What is cagrilintide for weight loss?

Cagrilintide is a long-acting amylin analog from Novo Nordisk given once weekly by injection. In Phase II trials, it produced 10.8% body weight loss at 26 weeks in patients with obesity (D'Ascanio et al., 2024). It is being developed both as a standalone treatment and in combination with semaglutide (CagriSema), which showed 15-17% weight loss in Phase II. Phase III trials are ongoing.

How is amylin different from GLP-1?

Both amylin and GLP-1 reduce appetite and blood glucose, but through different mechanisms and different brain pathways. Amylin acts primarily through the area postrema in the brainstem and slows gastric emptying directly, while GLP-1 acts primarily through hypothalamic circuits and vagal afferents. Their distinct pathways produce additive weight loss when combined, which is why CagriSema (cagrilintide plus semaglutide) outperforms either agent alone.
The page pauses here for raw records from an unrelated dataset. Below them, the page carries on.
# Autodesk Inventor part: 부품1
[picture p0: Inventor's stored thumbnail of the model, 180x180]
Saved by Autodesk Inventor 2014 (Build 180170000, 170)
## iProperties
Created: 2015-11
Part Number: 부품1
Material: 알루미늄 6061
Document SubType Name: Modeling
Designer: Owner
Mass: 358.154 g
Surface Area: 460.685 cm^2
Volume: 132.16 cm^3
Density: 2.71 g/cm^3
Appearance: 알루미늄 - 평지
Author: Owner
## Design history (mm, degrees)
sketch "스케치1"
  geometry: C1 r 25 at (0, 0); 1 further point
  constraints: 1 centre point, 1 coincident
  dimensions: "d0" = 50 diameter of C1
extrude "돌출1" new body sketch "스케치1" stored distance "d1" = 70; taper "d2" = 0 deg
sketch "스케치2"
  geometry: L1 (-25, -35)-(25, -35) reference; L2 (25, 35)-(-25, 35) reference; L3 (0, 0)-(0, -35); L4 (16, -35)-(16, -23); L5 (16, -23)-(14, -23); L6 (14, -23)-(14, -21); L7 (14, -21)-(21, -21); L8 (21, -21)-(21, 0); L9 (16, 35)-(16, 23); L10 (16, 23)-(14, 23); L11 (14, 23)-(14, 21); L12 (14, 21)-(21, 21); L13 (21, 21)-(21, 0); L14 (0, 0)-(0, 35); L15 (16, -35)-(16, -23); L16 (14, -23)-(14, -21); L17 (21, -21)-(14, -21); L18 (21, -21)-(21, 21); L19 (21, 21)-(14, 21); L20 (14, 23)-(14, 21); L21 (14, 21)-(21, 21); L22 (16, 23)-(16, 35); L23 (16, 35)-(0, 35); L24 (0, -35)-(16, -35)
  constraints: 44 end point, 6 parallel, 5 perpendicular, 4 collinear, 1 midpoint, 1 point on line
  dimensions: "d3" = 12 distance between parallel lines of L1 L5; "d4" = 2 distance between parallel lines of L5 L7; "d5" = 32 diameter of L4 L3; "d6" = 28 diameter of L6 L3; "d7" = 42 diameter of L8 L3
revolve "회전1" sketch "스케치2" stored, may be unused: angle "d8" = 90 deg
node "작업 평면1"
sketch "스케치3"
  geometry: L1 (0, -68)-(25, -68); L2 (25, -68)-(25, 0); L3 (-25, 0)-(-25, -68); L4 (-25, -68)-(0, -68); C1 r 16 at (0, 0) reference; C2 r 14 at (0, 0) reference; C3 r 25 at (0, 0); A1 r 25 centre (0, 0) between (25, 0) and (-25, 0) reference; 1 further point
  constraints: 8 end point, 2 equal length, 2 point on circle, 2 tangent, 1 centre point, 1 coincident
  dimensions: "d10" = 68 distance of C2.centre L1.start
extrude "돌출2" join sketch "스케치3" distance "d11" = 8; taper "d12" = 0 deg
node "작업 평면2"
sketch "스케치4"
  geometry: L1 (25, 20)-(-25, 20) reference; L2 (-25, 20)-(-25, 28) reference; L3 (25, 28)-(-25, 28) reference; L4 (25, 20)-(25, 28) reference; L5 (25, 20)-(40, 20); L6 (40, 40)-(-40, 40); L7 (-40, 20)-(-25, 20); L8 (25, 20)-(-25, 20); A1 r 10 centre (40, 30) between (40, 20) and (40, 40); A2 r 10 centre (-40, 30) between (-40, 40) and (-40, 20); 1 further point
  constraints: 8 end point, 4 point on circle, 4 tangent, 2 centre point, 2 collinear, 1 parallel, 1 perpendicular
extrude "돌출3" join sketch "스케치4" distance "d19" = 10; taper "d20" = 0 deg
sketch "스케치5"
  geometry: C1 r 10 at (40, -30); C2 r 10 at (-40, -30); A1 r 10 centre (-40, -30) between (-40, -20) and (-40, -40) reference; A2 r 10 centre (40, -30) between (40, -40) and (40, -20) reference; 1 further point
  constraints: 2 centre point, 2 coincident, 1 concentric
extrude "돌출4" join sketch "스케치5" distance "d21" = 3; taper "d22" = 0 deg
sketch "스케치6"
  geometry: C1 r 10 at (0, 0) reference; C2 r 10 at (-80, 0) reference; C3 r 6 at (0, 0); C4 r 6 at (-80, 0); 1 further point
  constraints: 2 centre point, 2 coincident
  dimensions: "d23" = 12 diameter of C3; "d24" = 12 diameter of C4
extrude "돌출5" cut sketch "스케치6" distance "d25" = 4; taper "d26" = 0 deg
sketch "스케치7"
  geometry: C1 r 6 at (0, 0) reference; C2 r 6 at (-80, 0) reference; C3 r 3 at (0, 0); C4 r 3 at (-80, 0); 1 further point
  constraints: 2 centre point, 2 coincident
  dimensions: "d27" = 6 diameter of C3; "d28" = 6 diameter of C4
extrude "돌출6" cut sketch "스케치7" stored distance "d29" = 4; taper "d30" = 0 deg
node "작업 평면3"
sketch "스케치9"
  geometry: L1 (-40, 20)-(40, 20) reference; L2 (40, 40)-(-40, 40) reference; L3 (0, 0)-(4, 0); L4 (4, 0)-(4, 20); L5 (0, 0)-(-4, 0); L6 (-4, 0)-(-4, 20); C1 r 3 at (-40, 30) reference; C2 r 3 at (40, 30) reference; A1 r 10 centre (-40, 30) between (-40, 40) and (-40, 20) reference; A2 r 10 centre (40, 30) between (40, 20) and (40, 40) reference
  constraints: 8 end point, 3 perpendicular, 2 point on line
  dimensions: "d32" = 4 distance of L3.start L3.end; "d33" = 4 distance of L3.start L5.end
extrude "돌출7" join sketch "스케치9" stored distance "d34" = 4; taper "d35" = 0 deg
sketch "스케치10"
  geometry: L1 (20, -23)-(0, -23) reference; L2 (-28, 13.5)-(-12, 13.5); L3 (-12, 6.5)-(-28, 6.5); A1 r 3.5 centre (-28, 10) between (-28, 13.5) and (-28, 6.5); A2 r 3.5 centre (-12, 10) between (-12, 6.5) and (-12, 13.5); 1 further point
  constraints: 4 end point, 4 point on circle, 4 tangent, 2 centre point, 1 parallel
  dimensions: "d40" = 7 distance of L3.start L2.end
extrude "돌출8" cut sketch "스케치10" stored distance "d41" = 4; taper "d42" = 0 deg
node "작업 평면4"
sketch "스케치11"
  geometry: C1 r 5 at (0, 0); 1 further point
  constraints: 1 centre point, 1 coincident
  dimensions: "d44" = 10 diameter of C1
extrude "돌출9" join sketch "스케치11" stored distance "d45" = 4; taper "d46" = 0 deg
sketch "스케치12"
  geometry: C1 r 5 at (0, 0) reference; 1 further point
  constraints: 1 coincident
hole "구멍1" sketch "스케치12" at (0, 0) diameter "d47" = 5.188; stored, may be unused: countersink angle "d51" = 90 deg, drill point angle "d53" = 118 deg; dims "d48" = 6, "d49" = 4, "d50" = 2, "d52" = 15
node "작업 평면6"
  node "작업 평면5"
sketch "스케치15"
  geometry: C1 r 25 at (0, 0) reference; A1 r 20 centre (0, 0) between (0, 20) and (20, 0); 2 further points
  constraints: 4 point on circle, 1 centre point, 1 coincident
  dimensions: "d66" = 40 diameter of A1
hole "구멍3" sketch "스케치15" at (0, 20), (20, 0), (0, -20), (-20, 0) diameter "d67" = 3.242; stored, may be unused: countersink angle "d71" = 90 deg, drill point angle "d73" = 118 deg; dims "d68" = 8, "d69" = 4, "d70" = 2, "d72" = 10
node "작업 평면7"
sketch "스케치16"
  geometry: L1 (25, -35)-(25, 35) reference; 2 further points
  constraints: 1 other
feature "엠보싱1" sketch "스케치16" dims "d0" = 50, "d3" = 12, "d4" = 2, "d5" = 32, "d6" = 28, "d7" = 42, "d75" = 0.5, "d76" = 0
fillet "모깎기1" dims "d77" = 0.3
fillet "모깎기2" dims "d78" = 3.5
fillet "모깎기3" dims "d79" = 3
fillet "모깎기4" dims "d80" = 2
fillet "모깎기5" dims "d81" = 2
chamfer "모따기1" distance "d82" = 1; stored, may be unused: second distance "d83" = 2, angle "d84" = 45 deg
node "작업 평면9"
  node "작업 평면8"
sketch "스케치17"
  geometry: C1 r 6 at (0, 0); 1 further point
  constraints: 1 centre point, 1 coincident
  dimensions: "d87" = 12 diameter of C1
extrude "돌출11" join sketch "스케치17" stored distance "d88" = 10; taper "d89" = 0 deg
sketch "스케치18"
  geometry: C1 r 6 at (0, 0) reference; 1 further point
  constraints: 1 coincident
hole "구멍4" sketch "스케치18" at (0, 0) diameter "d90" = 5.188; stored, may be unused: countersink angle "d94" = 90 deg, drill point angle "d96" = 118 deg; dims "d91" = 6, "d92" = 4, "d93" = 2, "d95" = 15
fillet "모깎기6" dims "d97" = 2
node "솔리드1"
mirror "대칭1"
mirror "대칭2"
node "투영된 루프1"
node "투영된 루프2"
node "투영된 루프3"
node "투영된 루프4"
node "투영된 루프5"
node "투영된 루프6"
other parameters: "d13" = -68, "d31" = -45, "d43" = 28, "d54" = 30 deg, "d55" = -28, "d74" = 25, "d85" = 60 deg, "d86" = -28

Does amylin cause Alzheimer's disease?

Native human amylin forms amyloid aggregates similar to the amyloid-beta plaques in Alzheimer's brains, and IAPP amyloid has been found in Alzheimer's patients' brains. Paradoxically, amylin receptor activation appears neuroprotective: pramlintide and other non-aggregating analogs reduced amyloid plaques and improved cognition in Alzheimer's mouse models (Corrigan et al., 2023). The toxic species appears to be misfolded amylin aggregates, not the receptor signaling itself.

Why is amylin important for type 1 diabetes?

In type 1 diabetes, beta cell destruction eliminates both insulin and amylin production. Standard insulin therapy replaces insulin but not amylin, leaving patients without amylin's gastric emptying, glucagon suppression, and satiety effects. Pramlintide is the only approved amylin replacement. A 2024 review described amylin as "another important neuroendocrine hormone" that type 1 diabetes treatment has largely ignored (Erzen et al., 2024).